Alfalfa reacts two ways to a hard freeze, down close to twenty degrees, cold enough to cause plants to wilt. Nitrate levels can increase, but rarely to hazardous levels. Freezing also makes alfalfa more likely to cause bloat for a few days after the frost. Then, several days later, after plants begin to wilt or grow again, alfalfa becomes less likely to cause bloat. So waiting to graze alfalfa until well after a hard freeze is a good, safer management practice.
Frost causes important changes in forages so manage them carefully for safe feed.
Let’s Add a Bit More to Bruce’s List
Does your pasture include wild cherry, black cherry, elderberry or chokecherry trees/bushes?
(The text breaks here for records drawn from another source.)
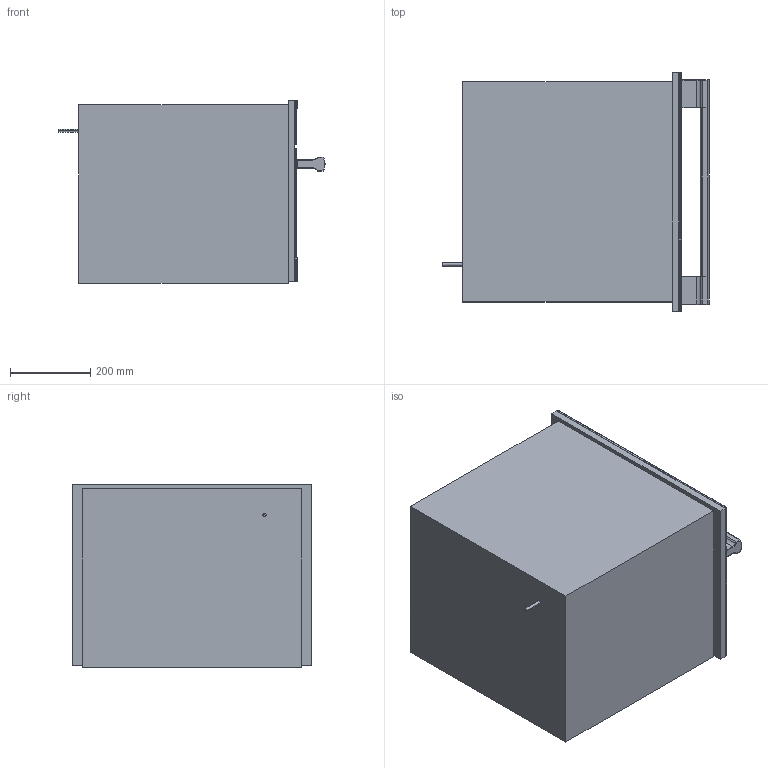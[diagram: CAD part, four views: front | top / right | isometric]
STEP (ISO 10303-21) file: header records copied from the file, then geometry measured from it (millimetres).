
FILE_DESCRIPTION(/* description */ (''),/* implementation_level */ '2;1');
FILE_NAME(/* name */ 'DG6500_CLST_NA',/* time_stamp */ '2013-10-31T16:06:25+01:00',/* author */ (''),/* organization */ (''),/* preprocessor_version */ 'ST-DEVELOPER v10',/* originating_system */ '',/* authorisation */ '');
FILE_SCHEMA (('AUTOMOTIVE_DESIGN_CC2'));
Length unit declared in the file: millimetre
Products named in the file (1): 1
Bounding box: 662.79 x 595.19 x 455.2 mm (x, y, z)
Volume: 98201065.2 mm3; surface area: 3397150.8 mm2
Topology: 46 solids, 47 shells, 298 faces, 583 edges, 370 vertices
Faces by surface type: bspline 298
Entity records: 18459 total; most frequent: CARTESIAN_POINT 14571, ORIENTED_EDGE 1138, EDGE_CURVE 575, VERTEX_POINT 370, EDGE_LOOP 302, ADVANCED_FACE 298, FACE_OUTER_BOUND 298, B_SPLINE_CURVE_WITH_KNOTS 242
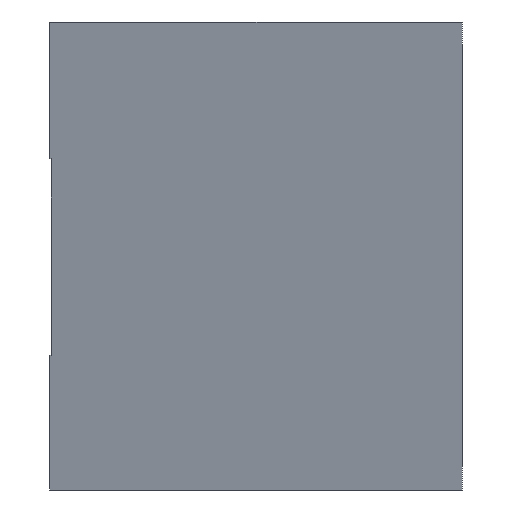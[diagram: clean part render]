
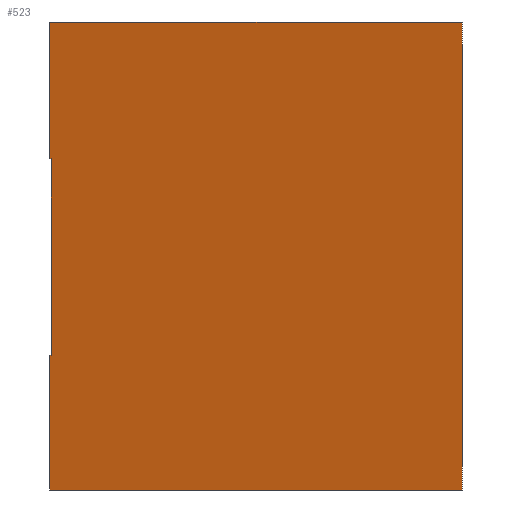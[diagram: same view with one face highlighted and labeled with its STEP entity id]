
A CAD part, left-side view. The second image highlights one B-rep face of the part: STEP entity #523.
In plain terms, the highlighted planar face has unit normal (-0.95, 0.312, 0).
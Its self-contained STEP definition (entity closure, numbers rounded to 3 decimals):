
#48=FACE_OUTER_BOUND('',#74,.T.);
#74=EDGE_LOOP('',(#464,#465,#466,#467,#468,#469,#470,#471));
#121=LINE('',#801,#189);
#124=LINE('',#807,#192);
#131=LINE('',#824,#199);
#137=LINE('',#835,#205);
#138=LINE('',#837,#206);
#139=LINE('',#840,#207);
#142=LINE('',#845,#210);
#143=LINE('',#847,#211);
#189=VECTOR('',#651,10.);
#192=VECTOR('',#656,10.);
#199=VECTOR('',#669,10.);
#205=VECTOR('',#683,10.);
#206=VECTOR('',#686,10.);
#207=VECTOR('',#689,10.);
#210=VECTOR('',#694,10.);
#211=VECTOR('',#697,10.);
#244=VERTEX_POINT('',#793);
#247=VERTEX_POINT('',#799);
#249=VERTEX_POINT('',#805);
#255=VERTEX_POINT('',#821);
#256=VERTEX_POINT('',#823);
#257=VERTEX_POINT('',#833);
#258=VERTEX_POINT('',#839);
#259=VERTEX_POINT('',#843);
#308=EDGE_CURVE('',#244,#247,#121,.T.);
#311=EDGE_CURVE('',#247,#249,#124,.T.);
#319=EDGE_CURVE('',#256,#255,#131,.T.);
#325=EDGE_CURVE('',#257,#249,#137,.T.);
#326=EDGE_CURVE('',#255,#244,#138,.T.);
#327=EDGE_CURVE('',#256,#258,#139,.T.);
#330=EDGE_CURVE('',#257,#259,#142,.T.);
#331=EDGE_CURVE('',#258,#259,#143,.T.);
#464=ORIENTED_EDGE('',*,*,#308,.T.);
#465=ORIENTED_EDGE('',*,*,#311,.T.);
#466=ORIENTED_EDGE('',*,*,#325,.F.);
#467=ORIENTED_EDGE('',*,*,#330,.T.);
#468=ORIENTED_EDGE('',*,*,#331,.F.);
#469=ORIENTED_EDGE('',*,*,#327,.F.);
#470=ORIENTED_EDGE('',*,*,#319,.T.);
#471=ORIENTED_EDGE('',*,*,#326,.T.);
#498=PLANE('',#567);
#523=ADVANCED_FACE('',(#48),#498,.T.);
#567=AXIS2_PLACEMENT_3D('',#846,#695,#696);
#651=DIRECTION('',(0.312,0.95,0.));
#656=DIRECTION('',(0.,0.,-1.));
#669=DIRECTION('',(-0.312,-0.95,0.));
#683=DIRECTION('',(0.312,0.95,0.));
#686=DIRECTION('',(0.,0.,-1.));
#689=DIRECTION('',(0.,0.,1.));
#694=DIRECTION('',(0.,0.,1.));
#695=DIRECTION('center_axis',(-0.95,0.312,0.));
#696=DIRECTION('ref_axis',(-0.312,-0.95,0.));
#697=DIRECTION('',(-0.312,-0.95,0.));
#793=CARTESIAN_POINT('',(-31.559,-96.048,-1.5));
#799=CARTESIAN_POINT('',(-31.518,-95.921,-1.5));
#801=CARTESIAN_POINT('',(-32.595,-99.201,-1.5));
#805=CARTESIAN_POINT('',(-31.518,-95.921,-13.));
#807=CARTESIAN_POINT('',(-31.518,-95.921,7.));
#821=CARTESIAN_POINT('',(-31.559,-96.048,15.3));
#823=CARTESIAN_POINT('',(-31.518,-95.921,15.3));
#824=CARTESIAN_POINT('',(-32.595,-99.201,15.3));
#833=CARTESIAN_POINT('',(-43.099,-131.167,-13.));
#835=CARTESIAN_POINT('',(0.,0.,-13.));
#837=CARTESIAN_POINT('',(-31.559,-96.048,-1.1));
#839=CARTESIAN_POINT('',(-31.518,-95.921,27.));
#840=CARTESIAN_POINT('',(-31.518,-95.921,7.));
#843=CARTESIAN_POINT('',(-43.099,-131.167,27.));
#845=CARTESIAN_POINT('',(-43.099,-131.167,7.));
#846=CARTESIAN_POINT('Origin',(-31.518,-95.921,7.));
#847=CARTESIAN_POINT('',(0.,0.,27.));

BEWARE! Damaged leaves, whether wilted from cutting or drought, or frosted, have high levels of cyanide and can kill livestock. Animals consuming large amounts of this plant may die in 1 to 60 minutes and show only convulsions and death as signs of poisoning.
If you’ve got these plants in or near your pastures, it’s a good idea to check after a storm and pick up and discard any fallen limbs to prevent animals from grazing on the leaves and twigs.
Plants growing under high nitrogen levels or in soils deficient in phosphorus or potassium will be more likely to have high prussic acid poisoning potential. After frost damage, cyanide levels will likely be higher in fresh forage as compared with silage or hay. This is because cyanide is a gas and dissipates as the forage is wilted and dried for making silage or dry hay.